More common, however, is a little bit of bleed through or noise in the other channels such that the signal is non-zero on the primary channels, but fairly obvious that the base can be called as 'X' (whatever X may be). However, they include an empirical probability of miscall, based on the background signal during image processing. That is the phred score. So from an instrumental perspective, it doesn't matter if it's chip-smudge, residue mutation or ambiguous pairing, or chemical contamination. They just model the probability of miscall and include that in the phred scores for each base for each read.
So! Back to your question. My histograms look a little off i.e. the averages are low past the 30th position, or my histogram distributions look a little too large and permissive of error etc.
"Is there something wrong with my file?" No. The format is valid... the data is not optimal. But your concerned with the data, not the performance of the Fastqc program.
"So should I care about the warning?" Yes, it means that you might not be able to properly rule out tile quality without looking at another program. If the chip was bad or there are obvious tile-specific artifacts instead of uniformly dispersed low-quality bases, then that might be why your quality histogram isn't right. Perhaps you can sub-sample your fastq file?

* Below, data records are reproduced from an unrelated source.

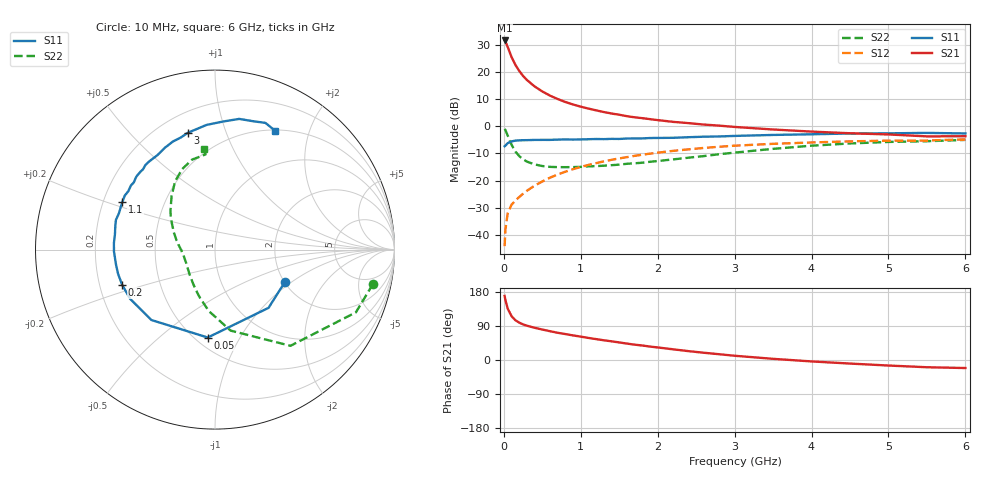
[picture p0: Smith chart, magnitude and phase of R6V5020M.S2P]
! SIEMENS Small Signal Semiconductors
! BFR193
! Si NPN RF Bipolar Junction Transistor in SOT23
! VCE = 0.5 V  IC = 20 mA
! Common Emitter S-Parameters:  May  1996
# GHz  S  MA  R  50
!  f  S11  S21  S12  S22
! GHz  MAG  ANG  MAG  ANG  MAG  ANG  MAG  ANG
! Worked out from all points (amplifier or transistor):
!   36 points, 10 MHz to 6 GHz, reference 50 ohm
!   highest |S21| = 31.8 dB at 10 MHz (marker M1)
!   |S21| within 3 dB of that: start of sweep to 58.02 MHz
!   unconditionally stable (mu >= 1): 432.5 MHz to 2.658 GHz; 5.433 GHz to end of sweep
!   at 250 MHz: K = 0.87, MSG = 21.8 dB, |S12| = -24.9 dB
!   at 1.4 GHz: K = 1.05, MAG = 7.2 dB, |S12| = -12.4 dB
!   at 6 GHz: K = 1.00, MAG = 0.2 dB, |S12| = -4.8 dB
!   S11 on the Smith chart (normalised r, x): 10 MHz: 2.03, -0.89; 50 MHz: 0.57, -0.74; 200 MHz: 0.30, -0.17; 1.1 GHz: 0.28, +0.22; 3 GHz: 0.32, +0.74; 6 GHz: 0.51, +1.50
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0.01  0.4298 -24.5  38.95 169.2  0.0061 78.9  0.9006 -12.3
0.02  0.4408 -47.4  37.46 158.8  0.0123 73.9  0.8593 -24.0
0.05  0.4915 -94.7  29.52 135.8  0.0247 60.3  0.6812 -51.9
0.1  0.5287 -132.1  19.31 115.7  0.0357 53.9  0.4596 -79.1
0.15  0.5468 -149.9  13.76 104.9  0.0426 54.2  0.3449 -95.6
0.2  0.5534 -159.3  10.65 98.7  0.0495 56.4  0.283 -107.0
0.25  0.5567 -166.0  8.606 93.9  0.0569 58.5  0.2462 -116.2
0.3  0.5578 -171.2  7.226 90.5  0.0645 60.2  0.2238 -123.4
0.4  0.5631 -179.0  5.5 85.0  0.0803 62.4  0.1983 -135.5
0.5  0.5643 176.2  4.437 80.4  0.096 63.8  0.1852 -144.7
0.6  0.5641 171.1  3.719 76.0  0.1128 63.9  0.1788 -151.0
0.7  0.5706 166.8  3.215 71.8  0.1291 63.7  0.1768 -156.5
0.9  0.5721 159.4  2.545 64.9  0.1623 62.0  0.177 -166.5
1.1  0.5805 152.7  2.139 58.2  0.1944 59.6  0.1825 -172.6
1.3  0.5824 146.0  1.848 52.0  0.2259 56.9  0.1877 -179.1
1.6  0.5976 137.3  1.547 43.3  0.2709 52.3  0.2039 172.9
2.2  0.6164 121.3  1.216 28.2  0.3536 42.4  0.2457 158.2
3  0.6679 103.2  0.979 11.2  0.4406 28.8  0.328 139.2
3.5  0.6963 93.9  0.878 3.1  0.477 20.7  0.385 128.9
4.5  0.7406 79.5  0.748 -9.4  0.5297 7.0  0.4847 112.1
5.5  0.7598 68.3  0.655 -19.1  0.5481 -5.6  0.5332 95.6
6  0.7422 63.2  0.66 -21.2  0.5773 -9.4  0.5634 96.5

Or look at another program?
"What if there were tile issues?" You'd just filter out those reads from your fastq file. Filter reads from a specific tile, either with awk or grep, perl or python. Or any sequence toolkit that permits tile-specific filtering. Or you could convert to unmapped-SAM with bbmap's reformat.sh and then grep -v for the tile!
"What do I do when I see a bad histogram?" Well, it's complicated and the right treatment depends on a) how much data you have b) how permissive your pipelines/programs are with trimmed reads and c) your own preference/tolerance for base miscall probabilities. I mean... phred of 20 is still very accurate, all things considered. Learn what phred scores actually mean before following advice blindly.
So, essentially if you want to filter your dataset a bit to improve your quality histogram, you'll need to decide "what percentage of the read could be total garbage for me to completely throw out? 20%, 30%?" (or you can calculate the analogous average quality score for the read if your filtering tool uses that instead of a percent). Alternatively (recommended) you should use a sliding-window quality trimmer to remove bases with low phred scores, which creates heterogeneity in your read length (so you'll then want to use a minimum read length setting). You should see big improvements in the histogram after this (and hopefully retain > 80% of your reads and >90% of bases).
I would recommend Trimmomatic, which has settings for adapter removal, sliding-window quality trimming, and read filtering.
I'm wondering if the naming of the reads is off somehow, and the software is not parsing the read names properly. Can you post the first 10 lines of your fastq?